Una dimostrazione del tempo che passa inesorabile sotto i nostri occhi, è la velocità con cui la storia dello sport si sia evoluta in un modo talmente rapido che certi episodi di un passato remoto, sembrano capitati poco tempo fa.
L’enunciato che avete appena letto trova riscontro in tutta una serie di aneddoti che sono rimasti negli occhi di tutti soprattutto se parliamo di calcio e, nel dettaglio, di quello africano.
Strategia e fisicità
Se vogliamo trovare un momento storico del calcio mondiale in cui l’Africa ha bussato con veemenza alle porte dei Signori del Football, probabilmente il Mondiale disputatosi in Spagna nel 1982, è quello che fa da spartiacque tra le due ere sportive del Continente Nero.
Prima di quella edizione era netta la distinzione tra un calcio che calcava da anni terreni in cui la strategia aveva il suo ruolo e uno prettamente fisico, che non badava a spese, che se c’era da tirare si tirava, che se c’era da correre si correva e basta.

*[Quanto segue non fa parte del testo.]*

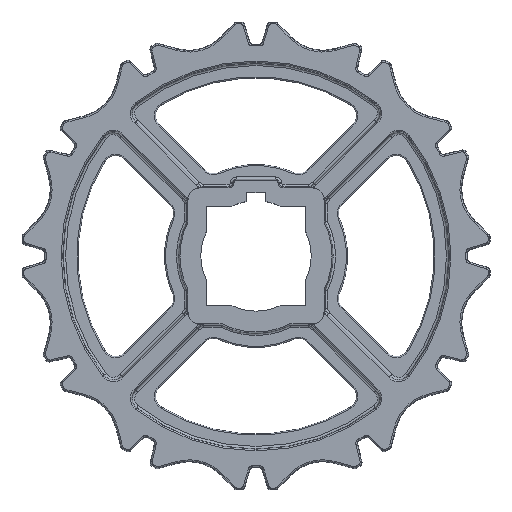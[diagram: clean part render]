
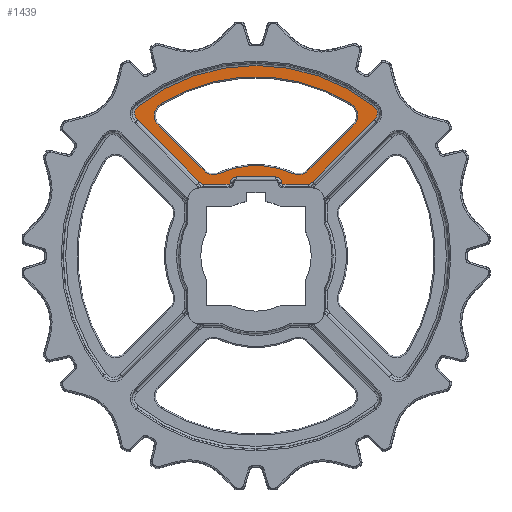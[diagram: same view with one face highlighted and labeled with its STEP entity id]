
A CAD part, top view. The second image highlights one B-rep face of the part: STEP entity #1439.
In plain terms, the highlighted planar face has unit normal (0, 0, 1).
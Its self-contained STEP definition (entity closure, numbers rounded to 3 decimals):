
#430=FACE_BOUND('',#3888,.T.);
#431=FACE_BOUND('',#3889,.T.);
#1047=PLANE('',#17221);
#1439=ADVANCED_FACE('',(#430,#431),#1047,.T.);
#3888=EDGE_LOOP('',(#8248,#8249,#8250,#8251,#8252,#8253,#8254,#8255));
#3889=EDGE_LOOP('',(#8256,#8257,#8258,#8259,#8260,#8261,#8262,#8263,#8264,
#8265,#8266,#8267,#8268,#8269,#8270,#8271));
#5300=LINE('',#26911,#6370);
#5301=LINE('',#26919,#6371);
#5302=LINE('',#26925,#6372);
#5303=LINE('',#26933,#6373);
#5304=LINE('',#26937,#6374);
#5305=LINE('',#26941,#6375);
#5306=LINE('',#26945,#6376);
#5307=LINE('',#26949,#6377);
#5308=LINE('',#26953,#6378);
#6370=VECTOR('',#20816,1.);
#6371=VECTOR('',#20823,1.);
#6372=VECTOR('',#20828,1.);
#6373=VECTOR('',#20835,1.);
#6374=VECTOR('',#20838,1.);
#6375=VECTOR('',#20841,1.);
#6376=VECTOR('',#20844,1.);
#6377=VECTOR('',#20847,1.);
#6378=VECTOR('',#20850,1.);
#8248=ORIENTED_EDGE('',*,*,#14172,.T.);
#8249=ORIENTED_EDGE('',*,*,#14173,.T.);
#8250=ORIENTED_EDGE('',*,*,#14174,.T.);
#8251=ORIENTED_EDGE('',*,*,#14175,.T.);
#8252=ORIENTED_EDGE('',*,*,#14176,.T.);
#8253=ORIENTED_EDGE('',*,*,#14177,.T.);
#8254=ORIENTED_EDGE('',*,*,#14178,.T.);
#8255=ORIENTED_EDGE('',*,*,#14179,.T.);
#8256=ORIENTED_EDGE('',*,*,#14180,.T.);
#8257=ORIENTED_EDGE('',*,*,#14181,.T.);
#8258=ORIENTED_EDGE('',*,*,#14182,.T.);
#8259=ORIENTED_EDGE('',*,*,#14183,.T.);
#8260=ORIENTED_EDGE('',*,*,#14184,.T.);
#8261=ORIENTED_EDGE('',*,*,#14185,.T.);
#8262=ORIENTED_EDGE('',*,*,#14186,.T.);
#8263=ORIENTED_EDGE('',*,*,#14187,.T.);
#8264=ORIENTED_EDGE('',*,*,#14188,.T.);
#8265=ORIENTED_EDGE('',*,*,#14189,.T.);
#8266=ORIENTED_EDGE('',*,*,#14190,.T.);
#8267=ORIENTED_EDGE('',*,*,#14191,.T.);
#8268=ORIENTED_EDGE('',*,*,#14192,.T.);
#8269=ORIENTED_EDGE('',*,*,#14193,.T.);
#8270=ORIENTED_EDGE('',*,*,#14194,.T.);
#8271=ORIENTED_EDGE('',*,*,#14195,.T.);
#12500=VERTEX_POINT('',#26907);
#12501=VERTEX_POINT('',#26908);
#12502=VERTEX_POINT('',#26910);
#12503=VERTEX_POINT('',#26912);
#12504=VERTEX_POINT('',#26914);
#12505=VERTEX_POINT('',#26916);
#12506=VERTEX_POINT('',#26918);
#12507=VERTEX_POINT('',#26920);
#12508=VERTEX_POINT('',#26923);
#12509=VERTEX_POINT('',#26924);
#12510=VERTEX_POINT('',#26926);
#12511=VERTEX_POINT('',#26928);
#12512=VERTEX_POINT('',#26930);
#12513=VERTEX_POINT('',#26932);
#12514=VERTEX_POINT('',#26934);
#12515=VERTEX_POINT('',#26936);
#12516=VERTEX_POINT('',#26938);
#12517=VERTEX_POINT('',#26940);
#12518=VERTEX_POINT('',#26942);
#12519=VERTEX_POINT('',#26944);
#12520=VERTEX_POINT('',#26946);
#12521=VERTEX_POINT('',#26948);
#12522=VERTEX_POINT('',#26950);
#12523=VERTEX_POINT('',#26952);
#14172=EDGE_CURVE('',#12500,#12501,#15736,.T.);
#14173=EDGE_CURVE('',#12501,#12502,#15737,.T.);
#14174=EDGE_CURVE('',#12502,#12503,#5300,.T.);
#14175=EDGE_CURVE('',#12503,#12504,#15738,.T.);
#14176=EDGE_CURVE('',#12504,#12505,#15739,.T.);
#14177=EDGE_CURVE('',#12505,#12506,#15740,.T.);
#14178=EDGE_CURVE('',#12506,#12507,#5301,.T.);
#14179=EDGE_CURVE('',#12507,#12500,#15741,.T.);
#14180=EDGE_CURVE('',#12508,#12509,#15742,.T.);
#14181=EDGE_CURVE('',#12509,#12510,#5302,.T.);
#14182=EDGE_CURVE('',#12510,#12511,#15743,.T.);
#14183=EDGE_CURVE('',#12511,#12512,#15744,.T.);
#14184=EDGE_CURVE('',#12512,#12513,#15745,.T.);
#14185=EDGE_CURVE('',#12513,#12514,#5303,.T.);
#14186=EDGE_CURVE('',#12514,#12515,#15746,.T.);
#14187=EDGE_CURVE('',#12515,#12516,#5304,.T.);
#14188=EDGE_CURVE('',#12516,#12517,#15747,.T.);
#14189=EDGE_CURVE('',#12517,#12518,#5305,.T.);
#14190=EDGE_CURVE('',#12518,#12519,#15748,.T.);
#14191=EDGE_CURVE('',#12519,#12520,#5306,.T.);
#14192=EDGE_CURVE('',#12520,#12521,#15749,.T.);
#14193=EDGE_CURVE('',#12521,#12522,#5307,.T.);
#14194=EDGE_CURVE('',#12522,#12523,#15750,.T.);
#14195=EDGE_CURVE('',#12523,#12508,#5308,.T.);
#15736=CIRCLE('',#17206,36.85);
#15737=CIRCLE('',#17207,5.5);
#15738=CIRCLE('',#17208,5.5);
#15739=CIRCLE('',#17209,73.15);
#15740=CIRCLE('',#17210,5.5);
#15741=CIRCLE('',#17211,5.5);
#15742=CIRCLE('',#17212,3.685);
#15743=CIRCLE('',#17213,3.685);
#15744=CIRCLE('',#17214,77.685);
#15745=CIRCLE('',#17215,3.685);
#15746=CIRCLE('',#17216,3.685);
#15747=CIRCLE('',#17217,0.563);
#15748=CIRCLE('',#17218,2.437);
#15749=CIRCLE('',#17219,2.437);
#15750=CIRCLE('',#17220,0.563);
#17206=AXIS2_PLACEMENT_3D('',#26906,#20812,#20813);
#17207=AXIS2_PLACEMENT_3D('',#26909,#20814,#20815);
#17208=AXIS2_PLACEMENT_3D('',#26913,#20817,#20818);
#17209=AXIS2_PLACEMENT_3D('',#26915,#20819,#20820);
#17210=AXIS2_PLACEMENT_3D('',#26917,#20821,#20822);
#17211=AXIS2_PLACEMENT_3D('',#26921,#20824,#20825);
#17212=AXIS2_PLACEMENT_3D('',#26922,#20826,#20827);
#17213=AXIS2_PLACEMENT_3D('',#26927,#20829,#20830);
#17214=AXIS2_PLACEMENT_3D('',#26929,#20831,#20832);
#17215=AXIS2_PLACEMENT_3D('',#26931,#20833,#20834);
#17216=AXIS2_PLACEMENT_3D('',#26935,#20836,#20837);
#17217=AXIS2_PLACEMENT_3D('',#26939,#20839,#20840);
#17218=AXIS2_PLACEMENT_3D('',#26943,#20842,#20843);
#17219=AXIS2_PLACEMENT_3D('',#26947,#20845,#20846);
#17220=AXIS2_PLACEMENT_3D('',#26951,#20848,#20849);
#17221=AXIS2_PLACEMENT_3D('',#26954,#20851,#20852);
#20812=DIRECTION('',(0.,0.,1.));
#20813=DIRECTION('',(1.,0.,0.));
#20814=DIRECTION('',(0.,0.,-1.));
#20815=DIRECTION('',(1.,0.,0.));
#20816=DIRECTION('',(-0.707,0.707,0.));
#20817=DIRECTION('',(0.,0.,-1.));
#20818=DIRECTION('',(1.,0.,0.));
#20819=DIRECTION('',(0.,0.,-1.));
#20820=DIRECTION('',(1.,0.,0.));
#20821=DIRECTION('',(0.,0.,-1.));
#20822=DIRECTION('',(1.,0.,0.));
#20823=DIRECTION('',(-0.707,-0.707,0.));
#20824=DIRECTION('',(0.,0.,-1.));
#20825=DIRECTION('',(1.,0.,0.));
#20826=DIRECTION('',(0.,0.,1.));
#20827=DIRECTION('',(1.,0.,0.));
#20828=DIRECTION('',(0.707,0.707,0.));
#20829=DIRECTION('',(0.,0.,1.));
#20830=DIRECTION('',(1.,0.,0.));
#20831=DIRECTION('',(0.,0.,1.));
#20832=DIRECTION('',(1.,0.,0.));
#20833=DIRECTION('',(0.,0.,1.));
#20834=DIRECTION('',(1.,0.,0.));
#20835=DIRECTION('',(0.707,-0.707,0.));
#20836=DIRECTION('',(0.,0.,1.));
#20837=DIRECTION('',(1.,0.,0.));
#20838=DIRECTION('',(1.,0.,0.));
#20839=DIRECTION('',(0.,0.,1.));
#20840=DIRECTION('',(1.,0.,0.));
#20841=DIRECTION('',(0.,1.,0.));
#20842=DIRECTION('',(0.,0.,-1.));
#20843=DIRECTION('',(1.,0.,0.));
#20844=DIRECTION('',(1.,0.,0.));
#20845=DIRECTION('',(0.,0.,-1.));
#20846=DIRECTION('',(1.,0.,0.));
#20847=DIRECTION('',(0.,-1.,0.));
#20848=DIRECTION('',(0.,0.,1.));
#20849=DIRECTION('',(1.,0.,0.));
#20850=DIRECTION('',(1.,0.,0.));
#20851=DIRECTION('',(0.,0.,1.));
#20852=DIRECTION('',(0.,1.,0.));
#26906=CARTESIAN_POINT('',(3914.869,1257.482,5.));
#26907=CARTESIAN_POINT('',(3929.923,1291.117,5.));
#26908=CARTESIAN_POINT('',(3899.815,1291.117,5.));
#26909=CARTESIAN_POINT('',(3897.569,1296.137,5.));
#26910=CARTESIAN_POINT('',(3893.679,1292.248,5.));
#26911=CARTESIAN_POINT('',(3921.657,1264.27,5.));
#26912=CARTESIAN_POINT('',(3875.028,1310.899,5.));
#26913=CARTESIAN_POINT('',(3878.917,1314.788,5.));
#26914=CARTESIAN_POINT('',(3875.994,1319.447,5.));
#26915=CARTESIAN_POINT('',(3914.869,1257.482,5.));
#26916=CARTESIAN_POINT('',(3953.743,1319.447,5.));
#26917=CARTESIAN_POINT('',(3950.821,1314.788,5.));
#26918=CARTESIAN_POINT('',(3954.71,1310.899,5.));
#26919=CARTESIAN_POINT('',(3908.081,1264.27,5.));
#26920=CARTESIAN_POINT('',(3936.059,1292.248,5.));
#26921=CARTESIAN_POINT('',(3932.169,1296.137,5.));
#26922=CARTESIAN_POINT('',(3935.245,1290.232,5.));
#26923=CARTESIAN_POINT('',(3936.186,1286.669,5.));
#26924=CARTESIAN_POINT('',(3937.85,1287.626,5.));
#26925=CARTESIAN_POINT('',(3911.288,1261.063,5.));
#26926=CARTESIAN_POINT('',(3963.246,1313.022,5.));
#26927=CARTESIAN_POINT('',(3960.641,1315.628,5.));
#26928=CARTESIAN_POINT('',(3962.92,1318.524,5.));
#26929=CARTESIAN_POINT('',(3914.869,1257.482,5.));
#26930=CARTESIAN_POINT('',(3866.818,1318.524,5.));
#26931=CARTESIAN_POINT('',(3869.097,1315.628,5.));
#26932=CARTESIAN_POINT('',(3866.492,1313.022,5.));
#26933=CARTESIAN_POINT('',(3918.45,1261.063,5.));
#26934=CARTESIAN_POINT('',(3891.888,1287.626,5.));
#26935=CARTESIAN_POINT('',(3894.493,1290.232,5.));
#26936=CARTESIAN_POINT('',(3893.552,1286.669,5.));
#26937=CARTESIAN_POINT('',(3914.869,1286.669,5.));
#26938=CARTESIAN_POINT('',(3903.869,1286.669,5.));
#26939=CARTESIAN_POINT('',(3903.869,1287.232,5.));
#26940=CARTESIAN_POINT('',(3904.432,1287.232,5.));
#26941=CARTESIAN_POINT('',(3904.432,1257.482,5.));
#26942=CARTESIAN_POINT('',(3904.432,1287.282,5.));
#26943=CARTESIAN_POINT('',(3906.869,1287.282,5.));
#26944=CARTESIAN_POINT('',(3906.869,1289.719,5.));
#26945=CARTESIAN_POINT('',(3914.869,1289.719,5.));
#26946=CARTESIAN_POINT('',(3922.869,1289.719,5.));
#26947=CARTESIAN_POINT('',(3922.869,1287.282,5.));
#26948=CARTESIAN_POINT('',(3925.306,1287.282,5.));
#26949=CARTESIAN_POINT('',(3925.306,1257.482,5.));
#26950=CARTESIAN_POINT('',(3925.306,1287.232,5.));
#26951=CARTESIAN_POINT('',(3925.869,1287.232,5.));
#26952=CARTESIAN_POINT('',(3925.869,1286.669,5.));
#26953=CARTESIAN_POINT('',(3914.869,1286.669,5.));
#26954=CARTESIAN_POINT('',(3914.869,1257.482,5.));

Tale distinzione non faceva capo tanto ad una esclusiva questione di conoscenza e/o, se volete, di interpretazione calcistica, quanto ad una vera diversità di zone geografiche.
Nord VS Centro Sud
La zona del Maghreb, quella che abbraccia la parte dell’Africa Nord Occidentale e che si affaccia sia sul mar Mediterraneo che sull’Oceano Atlantico, era quella che portava con sè i crismi di un Continente meno arretrato sotto il punto di vista economico, sociale e culturale.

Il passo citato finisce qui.